Instructions for the task
For this exercise, reproduce the entries below exactly, but only from the line containing "Screw GB/T 6561" through the line containing "Faces by surface type: plane 3204, cylinder", both included.

Data entries

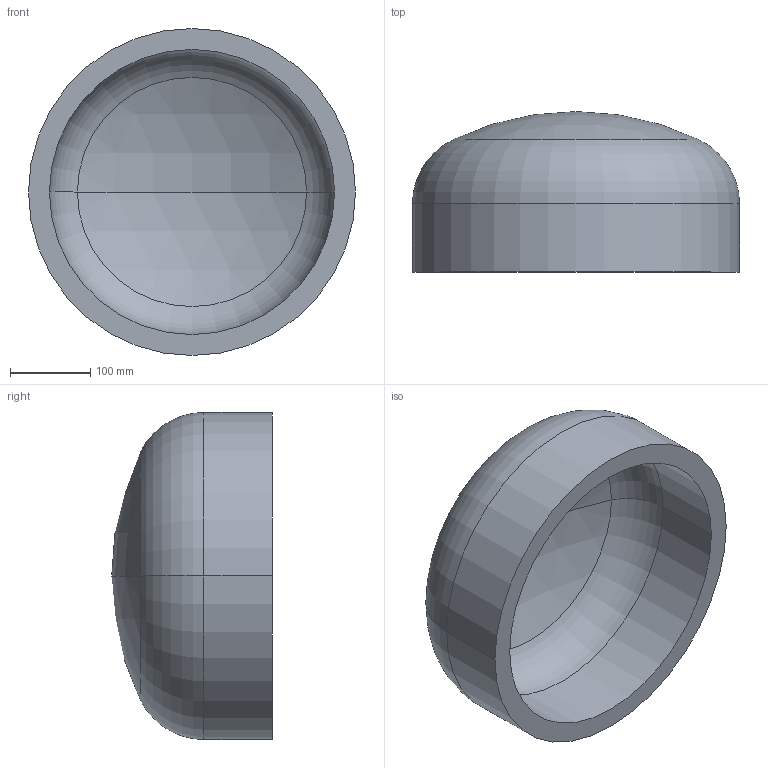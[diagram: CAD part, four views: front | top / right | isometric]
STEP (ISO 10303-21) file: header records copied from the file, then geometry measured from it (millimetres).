
FILE_DESCRIPTION (( 'STEP AP203' ), '1' );
FILE_NAME ('DIN 28013 Korbbogenform_-_Boden DIN 28013 - 406,4 x 85 - I - s=26.step', '2016-07-01T07:49:55', ( '' ), ( '' ), 'SwSTEP 2.0', 'SolidWorks 2013', '' );
FILE_SCHEMA (( 'CONFIG_CONTROL_DESIGN' ));
Length unit declared in the file: millimetre
Products named in the file (1): DIN 28013 Korbbogenform_-_Boden DIN 28013 - 406,4 x 85 - I - s=26
Bounding box: 406.4 x 199.57 x 406.4 mm (x, y, z)
Volume: 6939177.2 mm3; surface area: 566270.2 mm2
Topology: 1 solids, 1 shells, 13 faces, 24 edges, 14 vertices
Faces by surface type: torus 4, cylinder 4, sphere 4, plane 1
Entity records: 407 total; most frequent: DIRECTION 72, CARTESIAN_POINT 52, ORIENTED_EDGE 48, AXIS2_PLACEMENT_3D 34, EDGE_CURVE 24, CIRCLE 20, EDGE_LOOP 14, VERTEX_POINT 14
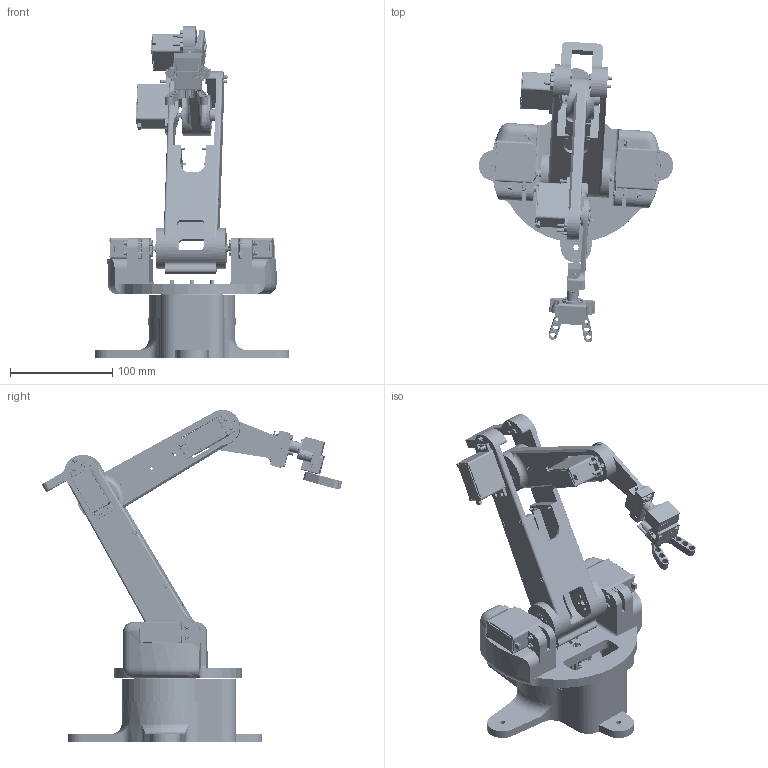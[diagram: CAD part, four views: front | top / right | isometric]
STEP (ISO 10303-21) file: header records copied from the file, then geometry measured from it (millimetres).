
FILE_DESCRIPTION(/* description */ (''),/* implementation_level */ '2;1');
FILE_NAME(/* name */ 'C:\Users\admin\Desktop\inventor\antropomorfo robot M5\step\antropomorrfo_M5.stp',/* time_stamp */ '2021-09-26T11:06:27+02:00',/* author */ ('admin'),/* organization */ (''),/* preprocessor_version */ 'ST-DEVELOPER v18.1',/* originating_system */ 'Autodesk Inventor 2022',/* authorisation */ '');
FILE_SCHEMA (('AUTOMOTIVE_DESIGN { 1 0 10303 214 3 1 1 }'));
Products named in the file (52): Assieme_base_robot_01; Nema17; Bottom_cap; Protective_film_bottom; Bearing_spring; Thick_washer; Rotor; Thick_washer_Thick; Bearing; Stator; Top_cap; Screw; case; STN 02 4645 - B 7002 15 x 32 x 9; EN ISO 7045 - M2,5 x 8 - 4.8 - H; supporto_full; Ingranaggio cilindrico1; Ingranaggio cilindrico2; base_robot; link1; link1_MIR; link2; link3; perno1; frame; %3% BS 290 - SKF 618/8; Servo_20kg; disco2; frame4; ISO 4014 - M3 x 25; ISO 4014 - M3,5 x 25; AS 1112 - M3,5; AS 1112 - M2,5; ISO 4014 - M3 x 20; ISO 4014 - M2 x 16; Assieme_pinza_m5_2gdl_MG90; Assieme_pinza_m5; Ingranaggio cilindrico11; Ingranaggio cilindrico11_MIR; SG90 - Micro Servo 9g - Tower Pro.1_Pea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
Assembly tree (110 placements, depth 4):
  Assieme_base_robot_01
    Nema17
      Bottom_cap
      Protective_film_bottom
      Bearing_spring
      Bearing  x2
      Thick_washer
      Rotor
      Thick_washer_Thick
      Stator
      Top_cap
      Screw  x4
    case
    STN 02 4645 - B 7002 15 x 32 x 9
    EN ISO 7045 - M2,5 x 8 - 4.8 - H  x5
    supporto_full
    Ingranaggio cilindrico1
    Ingranaggio cilindrico2
    base_robot
    Servo_20kg  x4
    link1
    link1_MIR
    link2
    link3
    perno1
    frame
    %3% BS 290 - SKF 618/8
    disco2  x3
    frame4
    ISO 4014 - M3 x 25  x9
    ISO 4014 - M3 x 20  x7
    ISO 4014 - M2 x 16  x11
    ISO 4014 - M3,5 x 25  x6
    AS 1112 - M3,5  x6
    AS 1112 - M2,5  x4
    Assieme_pinza_m5_2gdl_MG90
      Assieme_pinza_m5
        Ingranaggio cilindrico11
        Ingranaggio cilindrico11_MIR
        SG90 - Micro Servo 9g - Tower Pro.1_Pea
        corpo_m5
        AS 1420 - 1973 - M3 x 6
      disco.mg995.Al
      MG90S_assieme_disco_ldb2
        MG90_ldb
        scritta_MG90s  x2
      corpo_MG90
      disco_MG90s
      link2_MG90
      AS 1427 - M2,5 x 8  x6
      AS 1427 - M3 x 12
      Screw GB/T 6561 M2 x 6  x4
Bounding box: 189.89 x 293.15 x 323.95 mm (x, y, z)
Volume: 884763.2 mm3; surface area: 355536.7 mm2
Topology: 164 solids, 164 shells, 8150 faces, 22012 edges, 14419 vertices
Faces by surface type: plane 3204, cylinder 2721, torus 848, cone 655, bspline 583, sphere 139
Full cylindrical faces by diameter (mm): 0.2 x1, 0.5 x1, 1 x3, 1.167 x3, 1.5 x2, 1.509 x4, 1.6 x2, 1.8 x12, 2 x27, 2.013 x4, 2.2 x1, 2.224 x6, 2.256 x5, 2.5 x45, 2.6 x19, 2.693 x1, 2.85 x6, 3 x94, 3.07 x11, 3.2 x1, 3.5 x10, 4 x16, 4.57 x16, 4.7 x2, 4.8 x2, 5 x37, 5.07 x6, 5.5 x1, 6 x9, 7 x8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
Entity records: 191915 total; most frequent: CARTESIAN_POINT 54440, ORIENTED_EDGE 28582, DIRECTION 28345, EDGE_CURVE 14291, AXIS2_PLACEMENT_3D 10716, VERTEX_POINT 9542, LINE 6913, VECTOR 6913
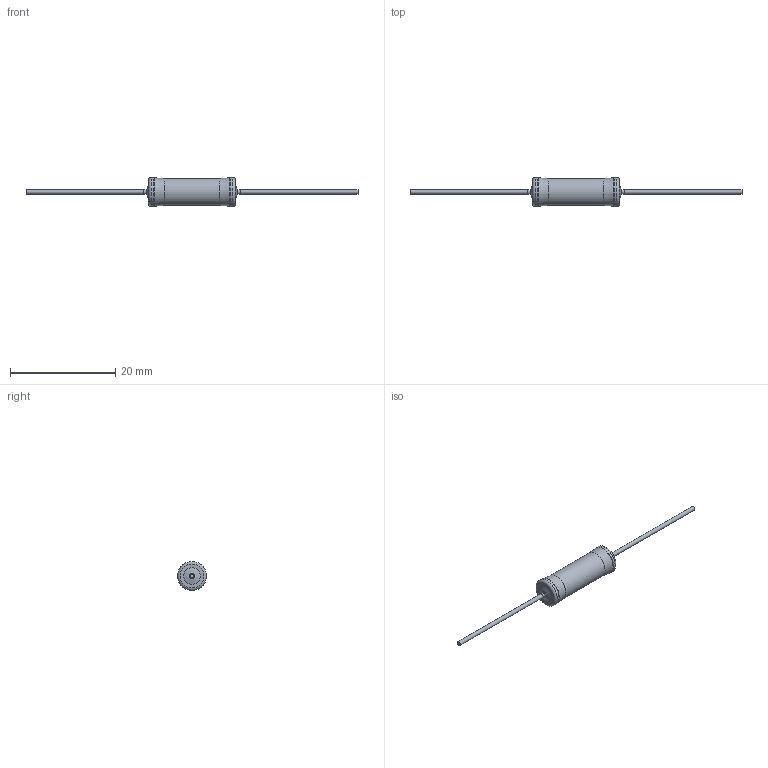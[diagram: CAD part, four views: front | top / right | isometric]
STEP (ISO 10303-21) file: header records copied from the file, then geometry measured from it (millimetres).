
FILE_DESCRIPTION(/* description */ (''),/* implementation_level */ '2;1');
FILE_NAME(/* name */ 'P:\Work\User\Special\CAD\Marketing\AC04.stp',/* time_stamp */ '2020-02-19T08:48:51+01:00',/* author */ ('klepschi'),/* organization */ (''),/* preprocessor_version */ 'ST-DEVELOPER v16.5',/* originating_system */ 'Autodesk Inventor 2017',/* authorisation */ '');
FILE_SCHEMA (('AUTOMOTIVE_DESIGN { 1 0 10303 214 3 1 1 }'));
Length unit declared in the file: millimetre
Products named in the file (1): AC04
Bounding box: 63 x 5.5 x 5.5 mm (x, y, z)
Volume: 371.5 mm3; surface area: 424.5 mm2
Topology: 1 solids, 1 shells, 27 faces, 47 edges, 28 vertices
Faces by surface type: cylinder 9, plane 8, torus 8, cone 2
Full cylindrical faces by diameter (mm): 0.798 x2, 0.8 x4, 5.1 x1, 5.5 x2
Entity records: 605 total; most frequent: DIRECTION 108, CARTESIAN_POINT 80, AXIS2_PLACEMENT_3D 54, EDGE_LOOP 52, ORIENTED_EDGE 52, STYLED_ITEM 28, FACE_OUTER_BOUND 27, ADVANCED_FACE 27
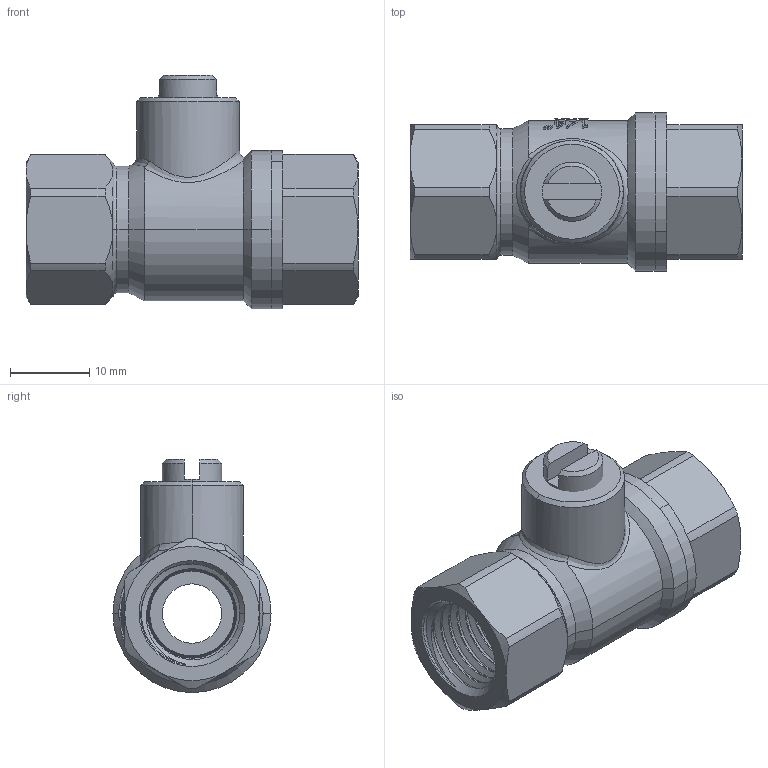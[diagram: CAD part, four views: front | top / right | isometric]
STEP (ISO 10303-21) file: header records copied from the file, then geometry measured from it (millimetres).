
FILE_DESCRIPTION(('Open CASCADE Model'),'2;1');
FILE_NAME('Open CASCADE Shape Model','2021-12-15T12:04:21',('Author'),( 'Open CASCADE'),'Open CASCADE STEP processor 7.3','Open CASCADE 7.3' ,'Unknown');
FILE_SCHEMA(('AUTOMOTIVE_DESIGN { 1 0 10303 214 1 1 1 1 }'));
Length unit declared in the file: millimetre
Products named in the file (9): Open CASCADE STEP translator 7.3 1; Open CASCADE STEP translator 7.3 1.1; Open CASCADE STEP translator 7.3 1.2; Open CASCADE STEP translator 7.3 1.3; Open CASCADE STEP translator 7.3 1.4; Open CASCADE STEP translator 7.3 1.5; Open CASCADE STEP translator 7.3 1.6; Open CASCADE STEP translator 7.3 1.7; Open CASCADE STEP translator 7.3 1.8
Assembly tree (8 placements, depth 2):
  Open CASCADE STEP translator 7.3 1
    Open CASCADE STEP translator 7.3 1.1
    Open CASCADE STEP translator 7.3 1.2
    Open CASCADE STEP translator 7.3 1.3
    Open CASCADE STEP translator 7.3 1.4
    Open CASCADE STEP translator 7.3 1.5
    Open CASCADE STEP translator 7.3 1.6
    Open CASCADE STEP translator 7.3 1.7
    Open CASCADE STEP translator 7.3 1.8
Bounding box: 42 x 20 x 29.5 mm (x, y, z)
Volume: 8043.2 mm3; surface area: 8737.2 mm2
Topology: 8 solids, 8 shells, 400 faces, 1001 edges, 639 vertices
Faces by surface type: cylinder 106, bspline 92, plane 91, cone 73, torus 30, sphere 6, revolution 2
Entity records: 71764 total; most frequent: CARTESIAN_POINT 54179, DIRECTION 2478, ORIENTED_EDGE 1998, PCURVE 1998, DEFINITIONAL_REPRESENTATION 1998, B_SPLINE_CURVE_WITH_KNOTS 1293, LINE 1171, VECTOR 1171
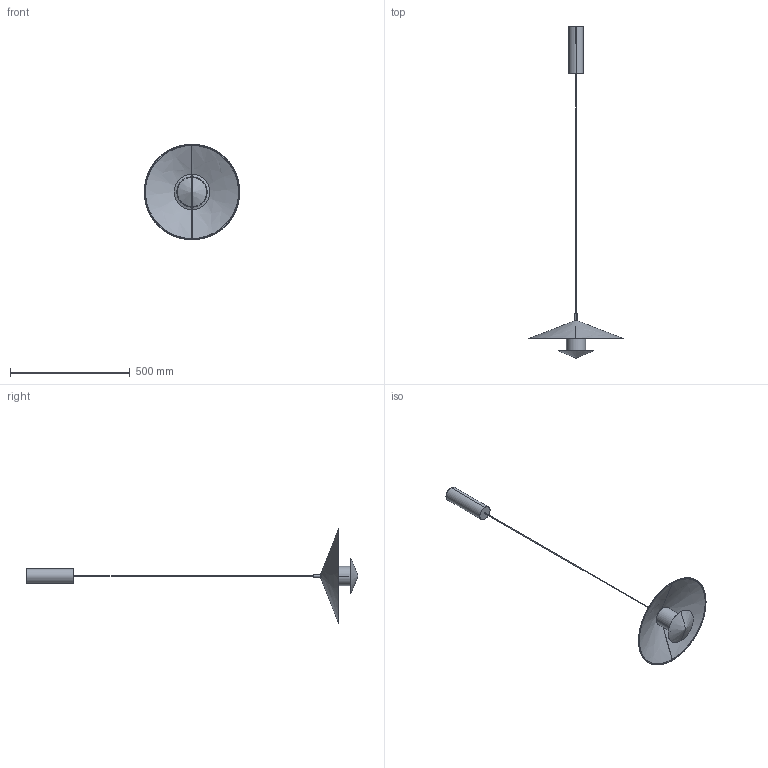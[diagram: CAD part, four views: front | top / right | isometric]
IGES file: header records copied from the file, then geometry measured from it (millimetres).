
Start section: SolidWorks IGES file using analytic representation for surfaces
Global section: file name: C:\Users\Agustin\Desktop\ARNOLD\SEPT 2025\2D-3D DEFINITIVO ONEDRIVE\2D-3D GEHIT_C1350_40\2D-3D GEHIT_C1350_40.IGS; native system: SolidWorks 2018; preprocessor: SolidWorks 2018; author: Agustin; date: 250905.173647; units: millimetre
Bounding box: 398.25 x 1385.89 x 398.26 mm (x, y, z)
Surface area: 430409.2 mm2 (no closed solid volume)
Topology: 0 solids, 0 shells, 41 faces, 1024 edges, 1018 vertices
Faces by surface type: revolution 22, bspline 19
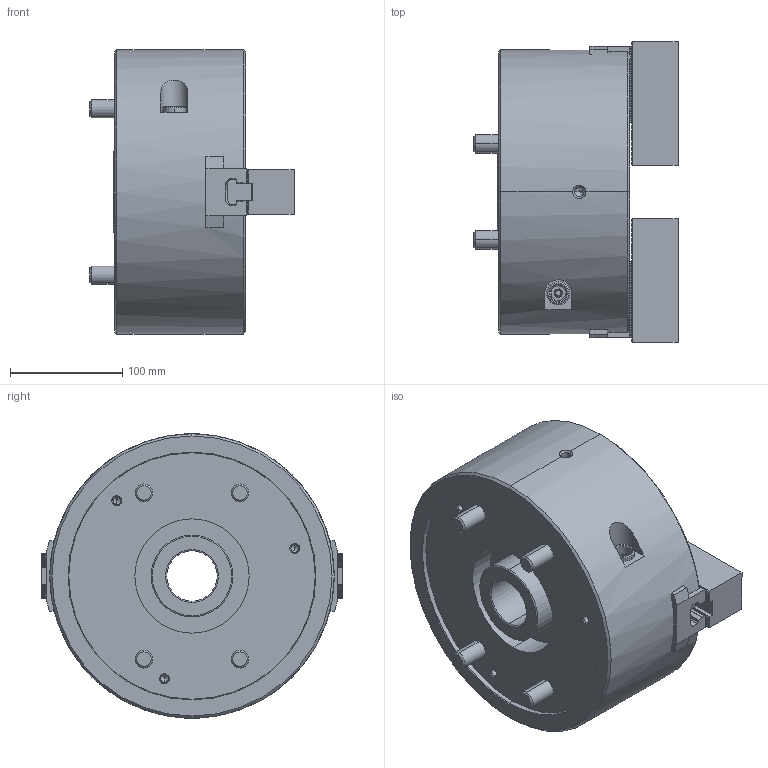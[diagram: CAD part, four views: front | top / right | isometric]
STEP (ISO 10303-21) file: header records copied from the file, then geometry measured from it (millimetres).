
FILE_DESCRIPTION (( 'STEP AP214' ), '1' );
FILE_NAME ('BLT210_UC.STEP', '2019-12-19T06:24:57', ( '' ), ( '' ), 'SwSTEP 2.0', 'SolidWorks 2017', '' );
FILE_SCHEMA (( 'AUTOMOTIVE_DESIGN' ));
Length unit declared in the file: millimetre
Products named in the file (5): 結合; 0030112030; 61P314663_ソフトジョー; 61P417262; BLT210_UC
Assembly tree (9 placements, depth 2):
  BLT210_UC
    61P417262  x2
    61P314663_ソフトジョー  x2
    0030112030  x4
    結合
Bounding box: 182.2 x 267.89 x 254 mm (x, y, z)
Volume: 5723824.9 mm3; surface area: 342394.6 mm2
Topology: 9 solids, 9 shells, 2153 faces, 5986 edges, 3874 vertices
Faces by surface type: plane 1790, cylinder 160, cone 149, torus 54
Entity records: 49814 total; most frequent: CARTESIAN_POINT 9802, ORIENTED_EDGE 8544, DIRECTION 7775, EDGE_CURVE 4272, LINE 3657, VECTOR 3657, VERTEX_POINT 2773, AXIS2_PLACEMENT_3D 2059

Completed exercise
      Screw GB/T 6561 M2 x 6  x4
Bounding box: 189.89 x 293.15 x 323.95 mm (x, y, z)
Volume: 884763.2 mm3; surface area: 355536.7 mm2
Topology: 164 solids, 164 shells, 8150 faces, 22012 edges, 14419 vertices
Faces by surface type: plane 3204, cylinder 2721, torus 848, cone 655, bspline 583, sphere 139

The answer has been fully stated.